First, a brief introduction of myself: I'm a 28 year old looking to relocate from California to Singapore. I have a Bachelor's degree from a respected American university that has given me the opportunity to work for a well known international company for the last 4 years. I work in information systems and business analysis, and have done well in my (admittedly short) career thus far.

As good as things may be here, I've traveled to Singapore a number of times (only social visits - never for work) and decided that I would like to see what it is like to live and work abroad. My current employer doesn't know that I am looking elsewhere, and I currently do not have any offers from Singaporean businesses. Unfortunately, being transferred to Singapore within my company is not an option at this time. I'm still in the early parts of planning this out, but I have done some research through Google and the various Singapore expat forums/sites/blogs. 

Though I have more questions than is practical to post, I will ask a few of the more pressing ones:

1. Work permits/employment passes. I've seen the Ministry of Manpower website and know that if this all goes through I will get a sort of P Pass but I'm not sure which one or when to apply for it. Should I apply for jobs without having been issued a pass and then apply for the pass, or should I apply for the pass first and once its issued to me, start applying for jobs? If I convert my current (American) salary, I'm eligible for the P1 Pass. Is this what I should apply for, or will my salary be lowered and should I look at the P2 Pass? 

On a related note: What is the job market like in Singapore? I see several jobs online, but its hard to get a sense of how competitive it is out there. Does anyone have any insight on this?

2. For those of you have relocated to Singapore, how long did the whole process take you? 1 month? 6 months? 1 year and no luck at all? Somewhere in between? I'm set on doing this, so I don't mind putting in a lot of work to make this happen (on lunch breaks, after work, on the weekends, etc...). What did you learn from the experience that you think would be beneficial to know?

3. Finding friends and dating. Judging by the amount of forums and groups I've seen online, it seems to be *fairly* easy to meet other expats, especially ones from your own country (at least by meeting through the Internet anyway). What about making friends with and/or dating locals? Typically not a problem? Is this viewed as weird? Do you face any discrimination in your daily life?

Thank you for reading, and thank you in advance for your all of your help!

Much appreciation,

Ross


----------



## JWilliamson (May 31, 2010)

you dont like California? Im living in Singapore and ill trade with you.


----------



## desian (Jun 3, 2010)

Oh I have similiar questions regarding the work permits.

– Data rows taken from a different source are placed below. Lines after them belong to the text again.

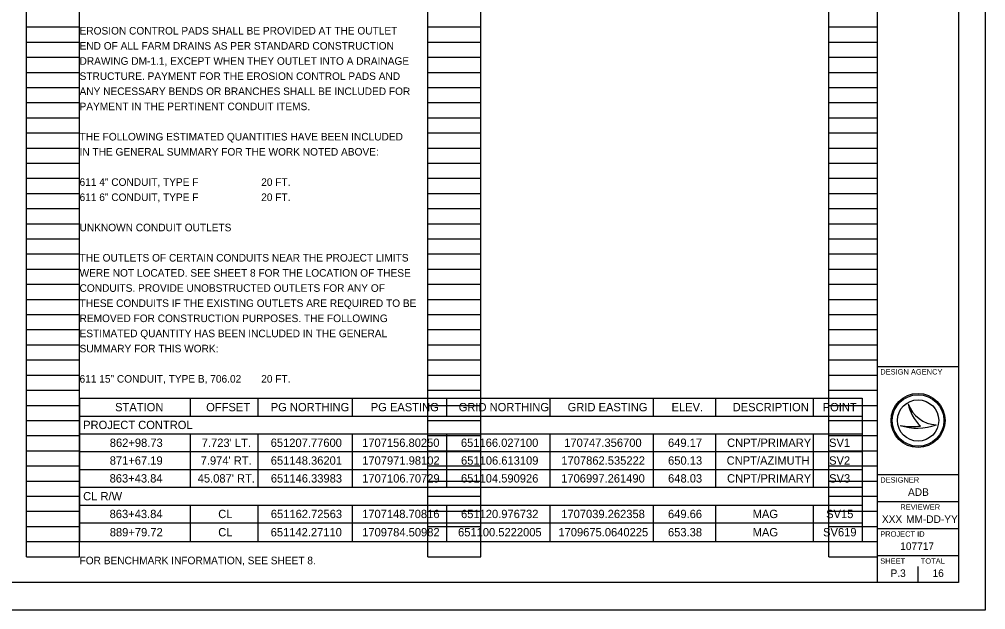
# Model space of a CAD drawing. Extents: x 37.8 to 71.8, y 8.7 to 30.7.
# Drawn here: x 53.88 to 71.76, y 8.67 to 19.59 of the extents above; entities that cross this region are included whole.
import ezdxf

# ---------------------------------------------------------------- set-up
doc = ezdxf.new("R2010")
doc.units = 0
for name, color, linetype in [('Default', 7, 'Continuous'), ('SH_Border', 7, 'Continuous'), ('SH_Cut_Line', 7, 'Continuous'), ('SH_Data', 7, 'Continuous'), ('SH_Text', 7, 'Continuous')]:
    doc.layers.add(name, color=color, linetype=linetype)

msp = doc.modelspace()

# ---------------------------------------------------------------- linework, layer by layer
at = {"layer": 'Default'}
for p, q in [((54.999, 12.584), (69.477, 12.584)), ((54.999, 12.584), (54.999, 9.932)), ((57.042, 12.584), (57.042, 12.254)), ((58.294, 12.584), (58.294, 12.254)), ((60.039, 12.584), (60.039, 12.254)), ((61.785, 12.584), (61.785, 12.254)), ((63.696, 12.584), (63.696, 12.254)), ((65.607, 12.584), (65.607, 12.254)), ((66.759, 12.584), (66.759, 12.254)), ((68.571, 12.584), (68.571, 12.254)), ((69.477, 12.584), (69.477, 9.932)), ((54.999, 12.254), (69.477, 12.254)), ((54.999, 11.925), (69.477, 11.925)), ((57.042, 11.925), (57.042, 10.937)), ((58.294, 11.925), (58.294, 10.937)), ((60.039, 11.925), (60.039, 10.937)), ((61.785, 11.925), (61.785, 10.937)), ((63.696, 11.925), (63.696, 10.937)), ((65.607, 11.925), (65.607, 10.937)), ((66.759, 11.925), (66.759, 10.937)), ((68.571, 11.925), (68.571, 10.937)), ((54.999, 11.595), (69.477, 11.595)), ((54.999, 11.266), (69.477, 11.266)), ((54.999, 10.937), (69.477, 10.937)), ((54.999, 10.607), (69.477, 10.607)), ((57.042, 10.607), (57.042, 9.932)), ((58.294, 10.607), (58.294, 9.932)), ((60.039, 10.607), (60.039, 9.932)), ((61.785, 10.607), (61.785, 9.932)), ((63.696, 10.607), (63.696, 9.932)), ((65.607, 10.607), (65.607, 9.932)), ((66.759, 10.607), (66.759, 9.932)), ((68.571, 10.607), (68.571, 9.932)), ((54.999, 10.278), (69.477, 10.278)), ((54.999, 9.932), (69.477, 9.932))]:
    msp.add_line(p, q, dxfattribs=at)
at = {"layer": 'SH_Border'}
for p, q in [((69.759, 9.172), (69.759, 30.172)), ((69.759, 13.172), (71.259, 13.172)), ((69.759, 11.172), (71.259, 11.172)), ((69.759, 10.672), (71.259, 10.672)), ((69.759, 10.172), (71.259, 10.172)), ((69.759, 9.672), (71.259, 9.672))]:
    msp.add_line(p, q, dxfattribs=at)
msp.add_lwpolyline([(39.259, 30.172), (71.259, 30.172), (71.259, 9.172), (39.259, 9.172)], close=True, dxfattribs=at)
at = {"layer": 'SH_Cut_Line'}
msp.add_lwpolyline([(37.759, 8.672), (71.759, 8.672), (71.759, 30.672), (37.759, 30.672)], close=True, dxfattribs=at)
at = {"layer": 'SH_Data'}
for p, q in [((54.019, 9.652), (54.019, 29.812)), ((54.999, 9.652), (54.999, 29.812)), ((61.439, 9.652), (61.439, 29.812)), ((62.419, 9.652), (62.419, 29.812)), ((68.859, 9.652), (68.859, 29.812)), ((69.759, 9.652), (69.759, 29.812)), ((54.019, 19.452), (54.999, 19.452)), ((61.439, 19.452), (62.419, 19.452)), ((68.859, 19.452), (69.759, 19.452)), ((54.019, 19.172), (54.999, 19.172)), ((61.439, 19.172), (62.419, 19.172)), ((68.859, 19.172), (69.759, 19.172)), ((54.019, 18.892), (54.999, 18.892)), ((61.439, 18.892), (62.419, 18.892)), ((68.859, 18.892), (69.759, 18.892)), ((54.019, 18.612), (54.999, 18.612)), ((61.439, 18.612), (62.419, 18.612)), ((68.859, 18.612), (69.759, 18.612)), ((54.019, 18.332), (54.999, 18.332)), ((61.439, 18.332), (62.419, 18.332)), ((68.859, 18.332), (69.759, 18.332)), ((54.019, 18.052), (54.999, 18.052)), ((61.439, 18.052), (62.419, 18.052)), ((68.859, 18.052), (69.759, 18.052)), ((54.019, 17.772), (54.999, 17.772)), ((61.439, 17.772), (62.419, 17.772)), ((68.859, 17.772), (69.759, 17.772)), ((54.019, 17.492), (54.999, 17.492)), ((61.439, 17.492), (62.419, 17.492)), ((68.859, 17.492), (69.759, 17.492)), ((54.019, 17.212), (54.999, 17.212)), ((61.439, 17.212), (62.419, 17.212)), ((68.859, 17.212), (69.759, 17.212)), ((54.019, 16.932), (54.999, 16.932)), ((61.439, 16.932), (62.419, 16.932)), ((68.859, 16.932), (69.759, 16.932)), ((54.019, 16.652), (54.999, 16.652)), ((61.439, 16.652), (62.419, 16.652)), ((68.859, 16.652), (69.759, 16.652)), ((54.019, 16.372), (54.999, 16.372)), ((61.439, 16.372), (62.419, 16.372)), ((68.859, 16.372), (69.759, 16.372)), ((54.019, 16.092), (54.999, 16.092)), ((61.439, 16.092), (62.419, 16.092)), ((68.859, 16.092), (69.759, 16.092)), ((54.019, 15.812), (54.999, 15.812)), ((61.439, 15.812), (62.419, 15.812)), ((68.859, 15.812), (69.759, 15.812)), ((54.019, 15.532), (54.999, 15.532)), ((61.439, 15.532), (62.419, 15.532)), ((68.859, 15.532), (69.759, 15.532)), ((54.019, 15.252), (54.999, 15.252)), ((61.439, 15.252), (62.419, 15.252)), ((68.859, 15.252), (69.759, 15.252)), ((54.019, 14.972), (54.999, 14.972)), ((61.439, 14.972), (62.419, 14.972)), ((68.859, 14.972), (69.759, 14.972)), ((54.019, 14.692), (54.999, 14.692)), ((61.439, 14.692), (62.419, 14.692)), ((68.859, 14.692), (69.759, 14.692)), ((54.019, 14.412), (54.999, 14.412)), ((61.439, 14.412), (62.419, 14.412)), ((68.859, 14.412), (69.759, 14.412)), ((54.019, 14.132), (54.999, 14.132)), ((61.439, 14.132), (62.419, 14.132)), ((68.859, 14.132), (69.759, 14.132)), ((54.019, 13.852), (54.999, 13.852)), ((61.439, 13.852), (62.419, 13.852)), ((68.859, 13.852), (69.759, 13.852)), ((54.019, 13.572), (54.999, 13.572)), ((61.439, 13.572), (62.419, 13.572)), ((68.859, 13.572), (69.759, 13.572)), ((54.019, 13.292), (54.999, 13.292)), ((61.439, 13.292), (62.419, 13.292)), ((68.859, 13.292), (69.759, 13.292)), ((54.019, 13.012), (54.999, 13.012)), ((61.439, 13.012), (62.419, 13.012)), ((68.859, 13.012), (69.759, 13.012)), ((54.019, 12.732), (54.999, 12.732)), ((61.439, 12.732), (62.419, 12.732)), ((68.859, 12.732), (69.759, 12.732)), ((54.019, 12.452), (54.999, 12.452)), ((61.439, 12.452), (62.419, 12.452)), ((68.859, 12.452), (69.759, 12.452)), ((70.327, 12.482), (70.327, 12.482)), ((54.019, 12.172), (54.999, 12.172)), ((61.439, 12.172), (62.419, 12.172)), ((68.859, 12.172), (69.759, 12.172)), ((70.509, 12.172), (70.509, 12.172)), ((70.177, 12.081), (70.177, 12.081)), ((70.847, 12.09), (70.847, 12.09)), ((54.019, 11.892), (54.999, 11.892)), ((61.439, 11.892), (62.419, 11.892)), ((68.859, 11.892), (69.759, 11.892)), ((54.019, 11.612), (54.999, 11.612)), ((61.439, 11.612), (62.419, 11.612)), ((68.859, 11.612), (69.759, 11.612)), ((54.019, 11.332), (54.999, 11.332)), ((61.439, 11.332), (62.419, 11.332)), ((68.859, 11.332), (69.759, 11.332)), ((54.019, 11.052), (54.999, 11.052)), ((61.439, 11.052), (62.419, 11.052)), ((68.859, 11.052), (69.759, 11.052)), ((54.019, 10.772), (54.999, 10.772)), ((61.439, 10.772), (62.419, 10.772)), ((68.859, 10.772), (69.759, 10.772)), ((54.019, 10.492), (54.999, 10.492)), ((61.439, 10.492), (62.419, 10.492)), ((68.859, 10.492), (69.759, 10.492)), ((54.019, 10.212), (54.999, 10.212)), ((61.439, 10.212), (62.419, 10.212)), ((68.859, 10.212), (69.759, 10.212)), ((54.019, 9.932), (54.999, 9.932)), ((61.439, 9.932), (62.419, 9.932)), ((68.859, 9.932), (69.759, 9.932)), ((54.019, 9.652), (54.999, 9.652)), ((61.439, 9.652), (62.419, 9.652)), ((68.859, 9.652), (69.759, 9.652)), ((70.134, 9.347), (70.134, 9.347)), ((70.509, 9.172), (70.509, 9.472))]:
    msp.add_line(p, q, dxfattribs=at)
for radius in [0.5, 0.477, 0.477, 0.382]:
    msp.add_circle((70.509, 12.172), radius, dxfattribs=at)
for centre, radius, start, end in [((70.875, 12.67), 0.58, 198.9257, 198.9319), ((71.106, 12.642), 0.796, 191.6379, 191.6421), ((70.875, 12.67), 0.58, 198.9319, 267.1657), ((71.106, 12.642), 0.796, 191.6421, 226.0947), ((70.499, 13.042), 1.013, 251.4576, 290.0832), ((70.407, 13.326), 1.266, 259.4964, 259.4995), ((70.499, 13.042), 1.013, 251.4527, 251.4576), ((70.407, 13.326), 1.266, 259.4995, 276.6672)]:
    msp.add_arc(centre, radius, start, end, dxfattribs=at)

# ---------------------------------------------------------------- texts
at = {"layer": 'Default'}
for s, p in [('STATION', (55.657, 12.342)), ('OFFSET', (57.341, 12.342)), ('PG NORTHING', (58.535, 12.342)), ('PG EASTING', (60.385, 12.342)), ('GRID NORTHING', (62.012, 12.342)), ('GRID EASTING', (64.027, 12.342)), ('ELEV.', (65.949, 12.342)), ('DESCRIPTION', (67.08, 12.342)), ('POINT', (68.745, 12.342)), ('PROJECT CONTROL', (55.065, 12.013)), ('862+98.73', (55.558, 11.683)), ("7.723' LT.", (57.259, 11.683)), ('651207.77600', (58.534, 11.683)), ('1707156.80250', (60.225, 11.683)), ('651166.027100', (62.053, 11.683)), ('170747.356700', (63.964, 11.683)), ('649.17', (65.884, 11.683)), ('CNPT/PRIMARY', (66.976, 11.683)), ('SV1', (68.863, 11.683)), ('871+67.19', (55.557, 11.354)), ("7.974' RT.", (57.239, 11.354)), ('651148.36201', (58.536, 11.354)), ('1707971.98102', (60.227, 11.354)), ('651106.613109', (62.055, 11.354)), ('1707862.535222', (63.911, 11.354)), ('650.13', (65.885, 11.354)), ('CNPT/AZIMUTH', (66.968, 11.354)), ('SV2', (68.863, 11.354)), ('863+43.84', (55.555, 11.024)), ("45.087' RT.", (57.184, 11.024)), ('651146.33983', (58.537, 11.024)), ('1707106.70729', (60.227, 11.024)), ('651104.590926', (62.054, 11.024)), ('1706997.261490', (63.908, 11.024)), ('648.03', (65.885, 11.024)), ('CNPT/PRIMARY', (66.976, 11.024)), ('SV3', (68.864, 11.024)), ('CL R/W', (55.065, 10.695)), ('863+43.84', (55.555, 10.366)), ('CL', (57.564, 10.366)), ('651162.72563', (58.537, 10.366)), ('1707148.70816', (60.225, 10.366)), ('651120.976732', (62.055, 10.366)), ('1707039.262358', (63.909, 10.366)), ('649.66', (65.883, 10.366)), ('MAG', (67.449, 10.366)), ('SV15', (68.809, 10.366)), ('889+79.72', (55.558, 10.028)), ('CL', (57.564, 10.028)), ('651142.27110', (58.534, 10.028)), ('1709784.50982', (60.227, 10.028)), ('651100.5222005', (62, 10.028)), ('1709675.0640225', (63.856, 10.028)), ('653.38', (65.883, 10.028)), ('MAG', (67.449, 10.028)), ('SV619', (68.752, 10.028))]:
    msp.add_text(s, height=0.154, dxfattribs=at).set_placement(p)
at = {"layer": 'SH_Data'}
for s, height, p in [('DESIGN AGENCY', 0.1, (69.809, 13.022)), ('DESIGNER', 0.1, (69.809, 11.022)), ('ADB', 0.14, (70.323, 10.777)), ('REVIEWER', 0.1, (70.181, 10.522)), ('XXX', 0.14, (69.84, 10.277)), ('MM-DD-YY', 0.14, (70.287, 10.277)), ('PROJECT ID', 0.1, (69.809, 10.022)), ('107717', 0.14, (70.179, 9.777)), ('SHEET', 0.1, (69.809, 9.522)), ('TOTAL', 0.1, (70.559, 9.522)), ('P.3', 0.14, (70, 9.277)), ('16', 0.14, (70.777, 9.277))]:
    msp.add_text(s, height=height, dxfattribs=at).set_placement(p)
at = {"layer": 'SH_Text'}
for s, p in [('EROSION CONTROL PADS SHALL BE PROVIDED AT THE OUTLET', (54.999, 19.312)), ('END OF ALL FARM DRAINS AS PER STANDARD CONSTRUCTION', (54.999, 19.032)), ('DRAWING DM-1.1, EXCEPT WHEN THEY OUTLET INTO A DRAINAGE', (54.999, 18.752)), ('STRUCTURE. PAYMENT FOR THE EROSION CONTROL PADS AND', (54.999, 18.472)), ('ANY NECESSARY BENDS OR BRANCHES SHALL BE INCLUDED FOR', (54.999, 18.192)), ('PAYMENT IN THE PERTINENT CONDUIT ITEMS.', (54.999, 17.912)), ('THE FOLLOWING ESTIMATED QUANTITIES HAVE BEEN INCLUDED', (54.999, 17.352)), ('IN THE GENERAL SUMMARY FOR THE WORK NOTED ABOVE:', (54.999, 17.072)), ('611 4" CONDUIT, TYPE F', (54.999, 16.512)), ('20 FT.', (58.359, 16.512)), ('611 6" CONDUIT, TYPE F', (54.999, 16.232)), ('20 FT.', (58.359, 16.232)), ('UNKNOWN CONDUIT OUTLETS', (54.999, 15.672)), ('THE OUTLETS OF CERTAIN CONDUITS NEAR THE PROJECT LIMITS', (54.999, 15.112)), ('WERE NOT LOCATED. SEE SHEET 8 FOR THE LOCATION OF THESE', (54.999, 14.832)), ('CONDUITS. PROVIDE UNOBSTRUCTED OUTLETS FOR ANY OF', (54.999, 14.552)), ('THESE CONDUITS IF THE EXISTING OUTLETS ARE REQUIRED TO BE', (54.999, 14.272)), ('REMOVED FOR CONSTRUCTION PURPOSES. THE FOLLOWING', (54.999, 13.992)), ('ESTIMATED QUANTITY HAS BEEN INCLUDED IN THE GENERAL', (54.999, 13.712)), ('SUMMARY FOR THIS WORK: ', (54.999, 13.432)), ('611 15" CONDUIT, TYPE B, 706.02', (54.999, 12.872)), ('20 FT.', (58.359, 12.872)), ('FOR BENCHMARK INFORMATION, SEE SHEET 8.', (54.999, 9.512))]:
    msp.add_text(s, height=0.14, dxfattribs=at).set_placement(p)

doc.saveas('drawing.dxf')

I'm in Canada and do not have a job lined up. I'm probably going to relocate and then look for a job while I'm there, but what visa do I need to attain before I leave Canada?


----------



## JWilliamson (May 31, 2010)

*Relocating*



desian said:


> Oh I have similiar questions regarding the work permits. I'm in Canada and do not have a job lined up. I'm probably going to relocate and then look for a job while I'm there, but what visa do I need to attain before I leave Canada?


What i have been told and heard over and over is that it is best finding a job first then relocate.


----------



## TechnoWriter (Apr 20, 2010)

hi itsross, desian, i think both of you can attempt to get the PEP & the EPEC from 

https://app.pep.mom.gov.sg/
https://epec.mom.gov.sg/

It will be the more secured route.

However,since both of you are from OECD countries, staying in Singapore and looking for a job wont be that tough actually.
Besides the various jobs websites, coming to singapore also means networking on the ground and finding something more suitable. 

Itsross, you should go for the P1 pass since its passed on your current salary.


=====================
Time taken.
Give yourself up to 3 months. It should suffice.

=====================
Friends all around the world.
SIngapore is one of the most open society. 
You wont have problem meeting friends or dating locals
most of here have friends fromm all parts of the world. English, US, AU, Russian, JPN, TW, 
its quite common. 
From i i hear, it can be tougher for an expat gal actually, since they may not like local guys and the expat guys finds local gals more amiable, (well this is not verified, but written on the papers)

drop me a line at eBizIntel | Professional Web Development for your business if you need more help 

Best


----------



## smartpost (Jun 25, 2010)

It's better you can a job first before coming over. Some others are being send by company to singapore.


----------